**Problem to solve:**
Your output must hold every entry exactly as written and none of the pictures.

[Extracted data entries]
┄┄┄┄┄┄
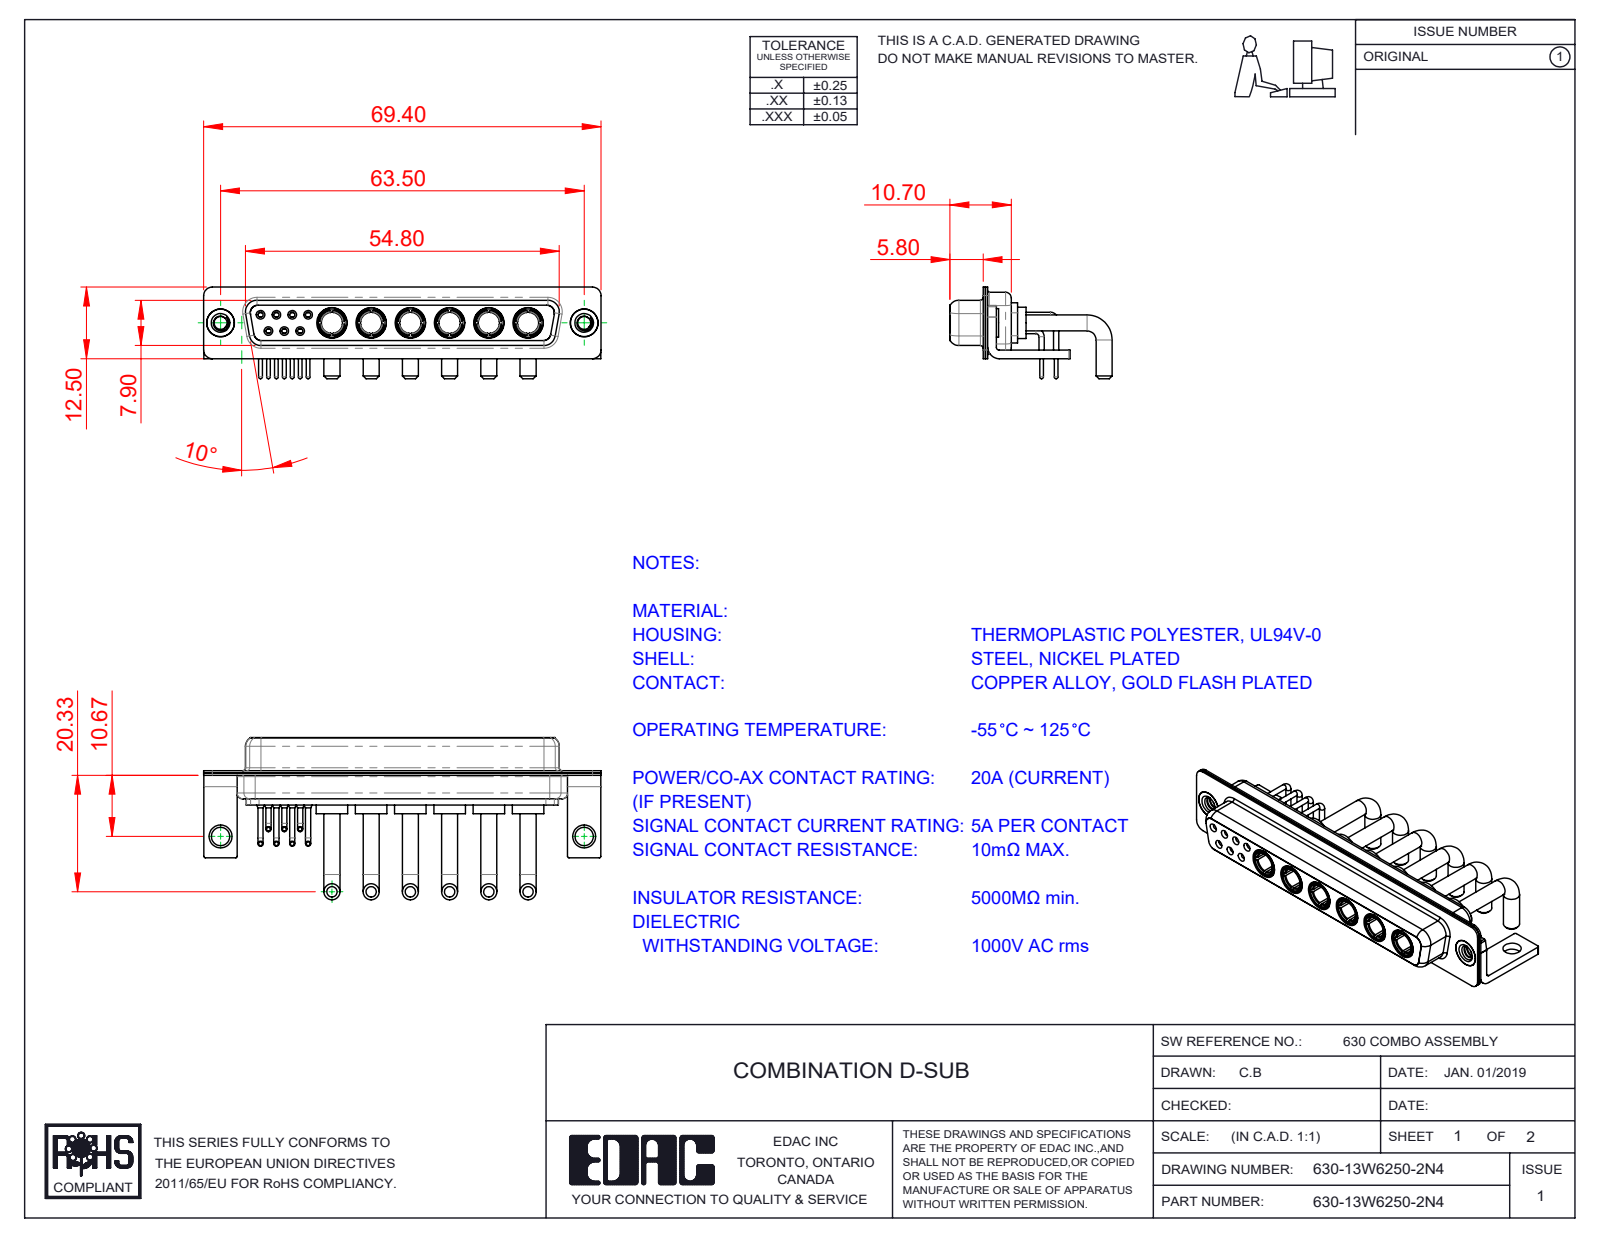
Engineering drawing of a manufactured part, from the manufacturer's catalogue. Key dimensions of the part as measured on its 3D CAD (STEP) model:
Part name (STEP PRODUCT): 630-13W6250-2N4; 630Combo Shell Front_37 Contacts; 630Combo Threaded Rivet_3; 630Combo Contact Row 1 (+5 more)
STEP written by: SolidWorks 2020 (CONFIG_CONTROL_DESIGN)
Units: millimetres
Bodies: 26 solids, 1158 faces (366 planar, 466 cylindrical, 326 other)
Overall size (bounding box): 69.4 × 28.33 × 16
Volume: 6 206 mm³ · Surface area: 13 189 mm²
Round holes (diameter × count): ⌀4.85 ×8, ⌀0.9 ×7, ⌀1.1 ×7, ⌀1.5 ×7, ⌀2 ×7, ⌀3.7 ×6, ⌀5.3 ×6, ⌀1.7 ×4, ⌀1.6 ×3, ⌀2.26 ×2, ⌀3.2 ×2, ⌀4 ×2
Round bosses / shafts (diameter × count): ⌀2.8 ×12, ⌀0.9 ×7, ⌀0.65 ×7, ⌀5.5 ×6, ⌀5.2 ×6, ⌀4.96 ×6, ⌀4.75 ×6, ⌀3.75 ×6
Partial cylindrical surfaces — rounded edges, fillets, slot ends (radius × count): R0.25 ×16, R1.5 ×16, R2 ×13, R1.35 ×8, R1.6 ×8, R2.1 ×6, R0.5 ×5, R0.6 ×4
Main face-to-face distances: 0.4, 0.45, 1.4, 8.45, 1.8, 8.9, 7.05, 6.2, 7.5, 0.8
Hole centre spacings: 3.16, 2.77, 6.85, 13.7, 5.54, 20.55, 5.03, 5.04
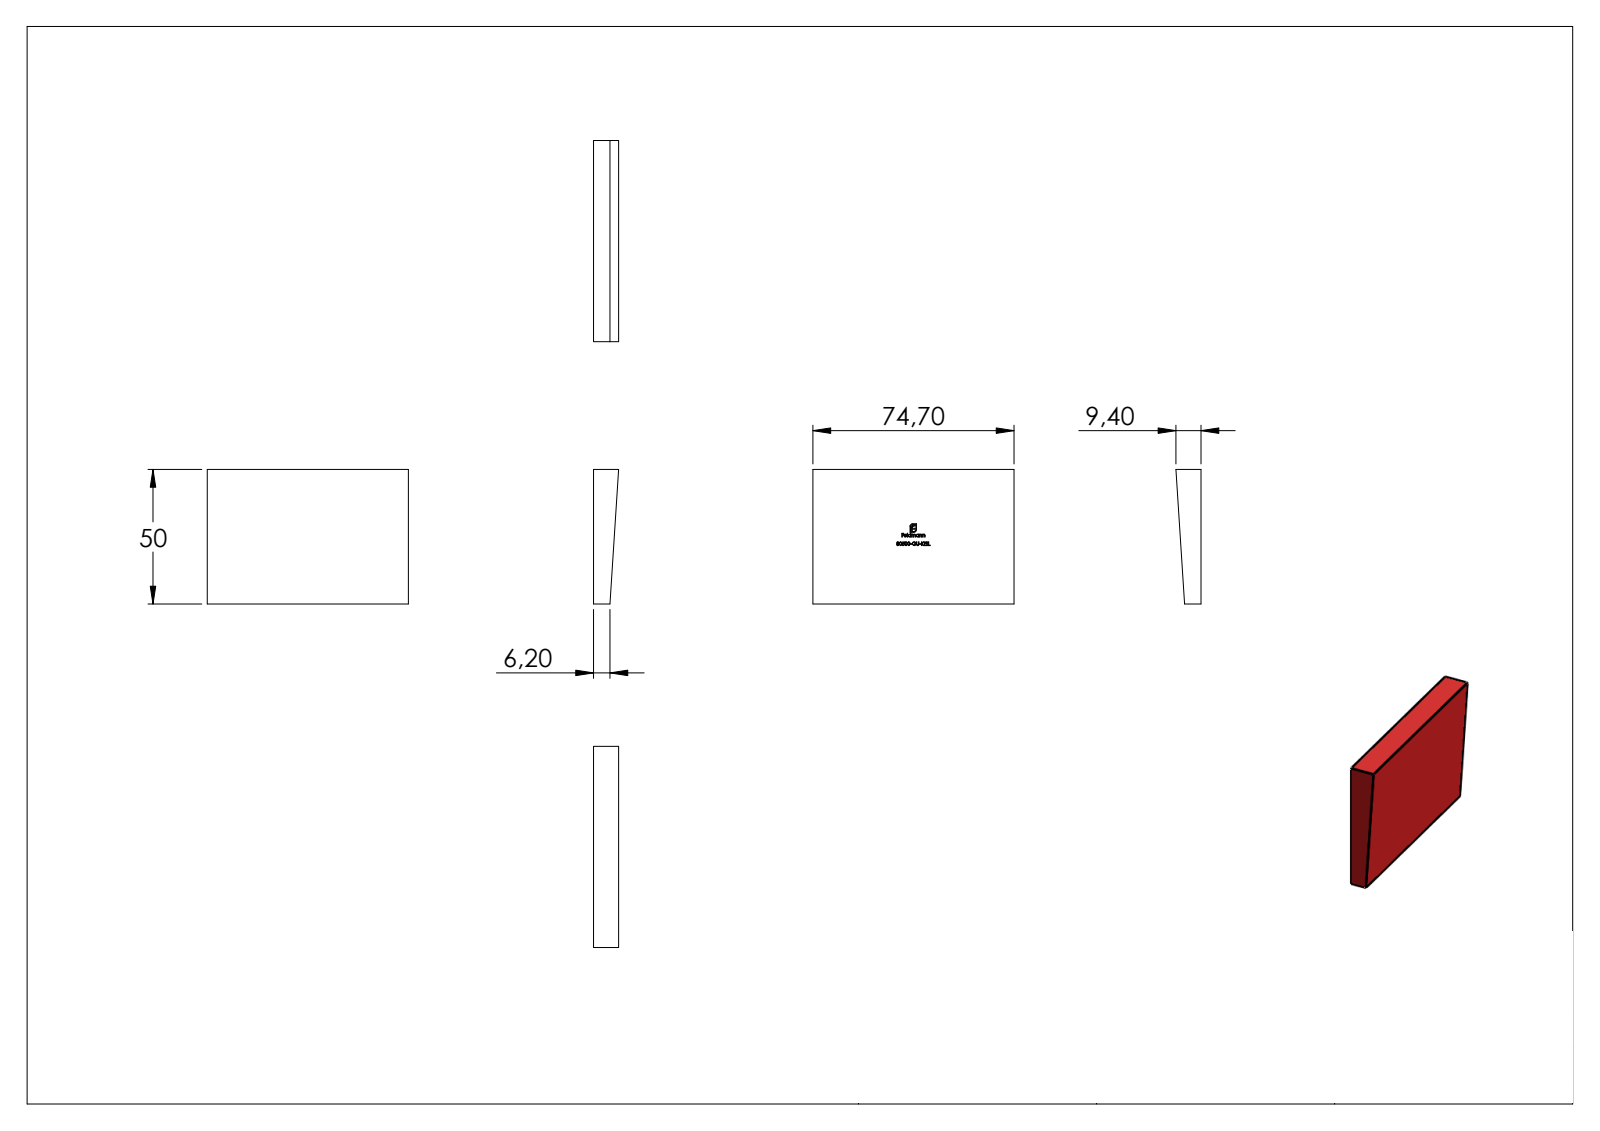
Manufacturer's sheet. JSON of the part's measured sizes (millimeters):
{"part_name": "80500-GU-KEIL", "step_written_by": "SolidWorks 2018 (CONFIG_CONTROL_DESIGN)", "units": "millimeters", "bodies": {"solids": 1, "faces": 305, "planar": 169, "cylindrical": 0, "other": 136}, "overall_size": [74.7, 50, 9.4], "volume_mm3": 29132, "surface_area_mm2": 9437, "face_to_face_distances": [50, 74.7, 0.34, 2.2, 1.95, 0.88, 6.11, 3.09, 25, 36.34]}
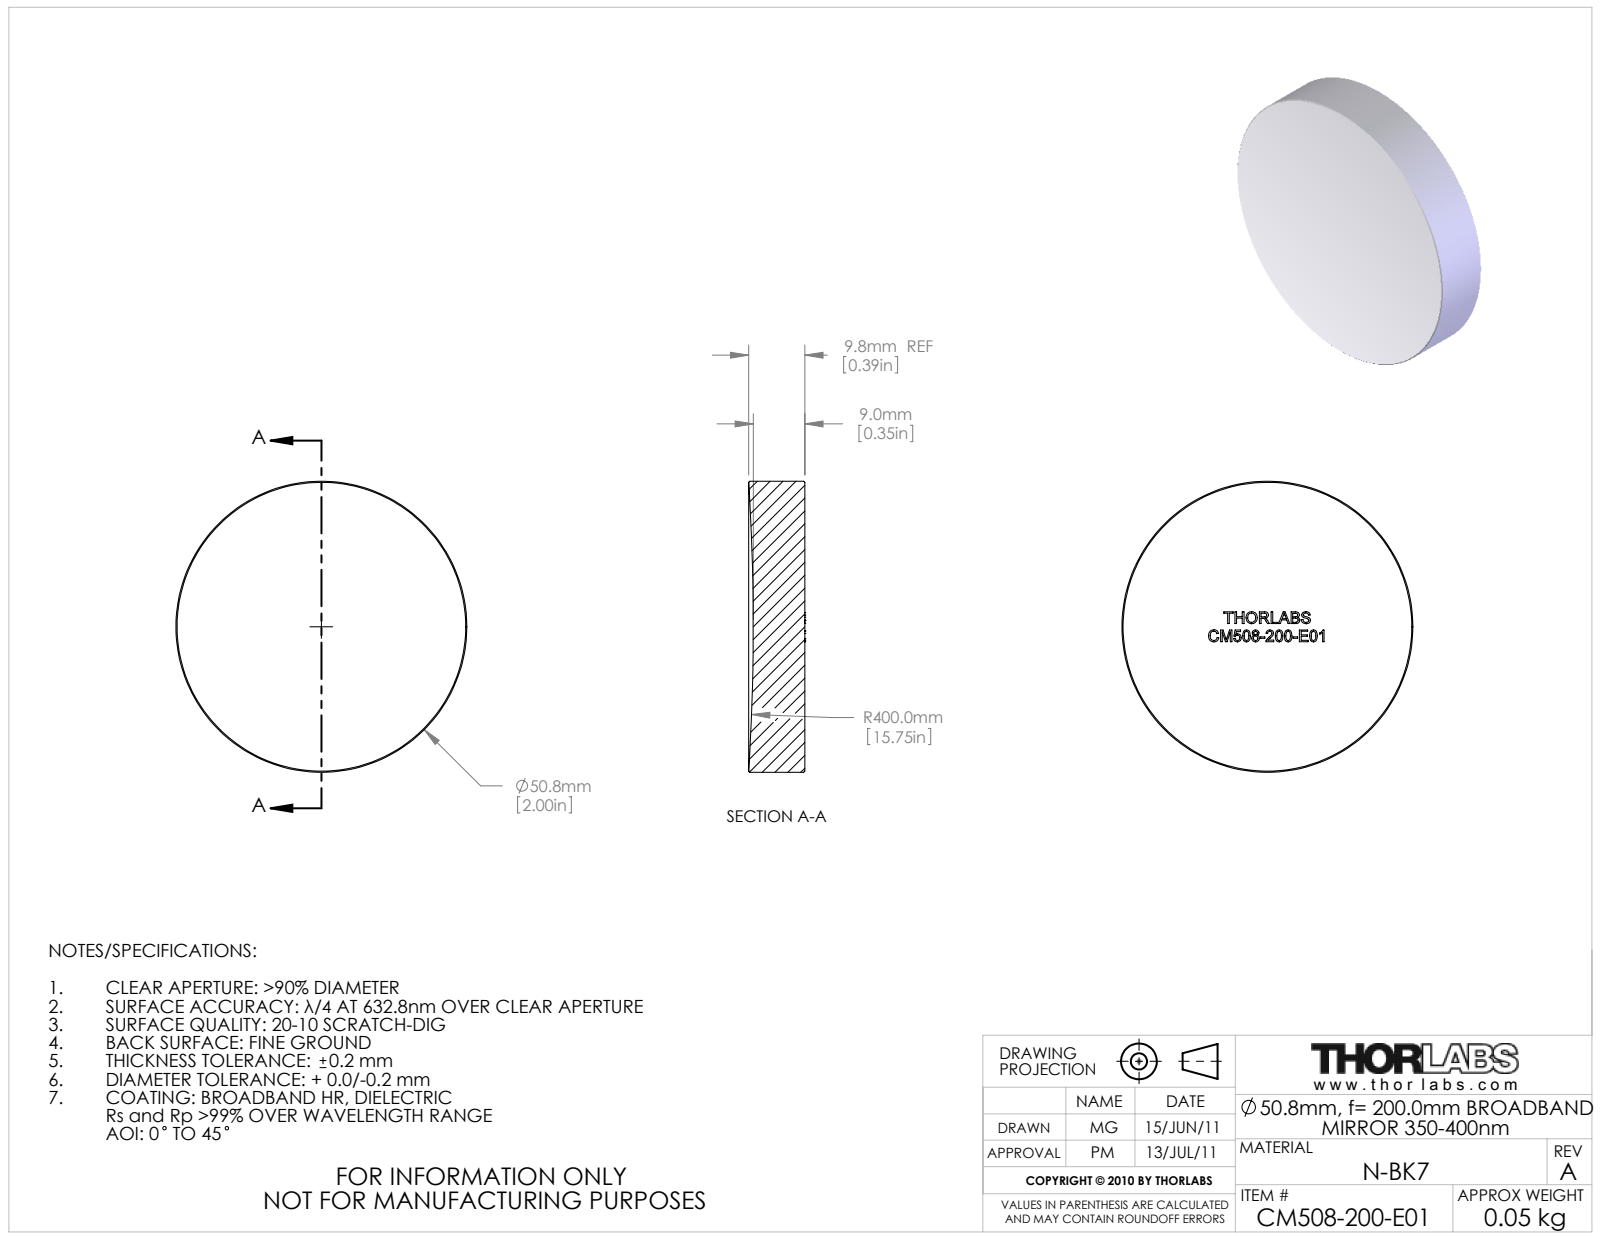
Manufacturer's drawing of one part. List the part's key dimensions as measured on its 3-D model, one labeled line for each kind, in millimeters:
┄┄┄┄┄┄
**Answer to this exercise:**
Engineering drawing of a manufactured part, from the manufacturer's catalogue. Key dimensions of the part as measured on its 3D CAD (STEP) model:
Part name (STEP PRODUCT): 630-13W6250-2N4; 630Combo Shell Front_37 Contacts; 630Combo Threaded Rivet_3; 630Combo Contact Row 1 (+5 more)
STEP written by: SolidWorks 2020 (CONFIG_CONTROL_DESIGN)
Units: millimetres
Bodies: 26 solids, 1158 faces (366 planar, 466 cylindrical, 326 other)
Overall size (bounding box): 69.4 × 28.33 × 16
Volume: 6 206 mm³ · Surface area: 13 189 mm²
Round holes (diameter × count): ⌀4.85 ×8, ⌀0.9 ×7, ⌀1.1 ×7, ⌀1.5 ×7, ⌀2 ×7, ⌀3.7 ×6, ⌀5.3 ×6, ⌀1.7 ×4, ⌀1.6 ×3, ⌀2.26 ×2, ⌀3.2 ×2, ⌀4 ×2
Round bosses / shafts (diameter × count): ⌀2.8 ×12, ⌀0.9 ×7, ⌀0.65 ×7, ⌀5.5 ×6, ⌀5.2 ×6, ⌀4.96 ×6, ⌀4.75 ×6, ⌀3.75 ×6
Partial cylindrical surfaces — rounded edges, fillets, slot ends (radius × count): R0.25 ×16, R1.5 ×16, R2 ×13, R1.35 ×8, R1.6 ×8, R2.1 ×6, R0.5 ×5, R0.6 ×4
Main face-to-face distances: 0.4, 0.45, 1.4, 8.45, 1.8, 8.9, 7.05, 6.2, 7.5, 0.8
Hole centre spacings: 3.16, 2.77, 6.85, 13.7, 5.54, 20.55, 5.03, 5.04
Manufacturer's sheet. JSON of the part's measured sizes (millimeters):
{"part_name": "80500-GU-KEIL", "step_written_by": "SolidWorks 2018 (CONFIG_CONTROL_DESIGN)", "units": "millimeters", "bodies": {"solids": 1, "faces": 305, "planar": 169, "cylindrical": 0, "other": 136}, "overall_size": [74.7, 50, 9.4], "volume_mm3": 29132, "surface_area_mm2": 9437, "face_to_face_distances": [50, 74.7, 0.34, 2.2, 1.95, 0.88, 6.11, 3.09, 25, 36.34]}
Manufacturer's drawing of one part. List the part's key dimensions as measured on its 3-D model, one labeled line for each kind, in millimeters:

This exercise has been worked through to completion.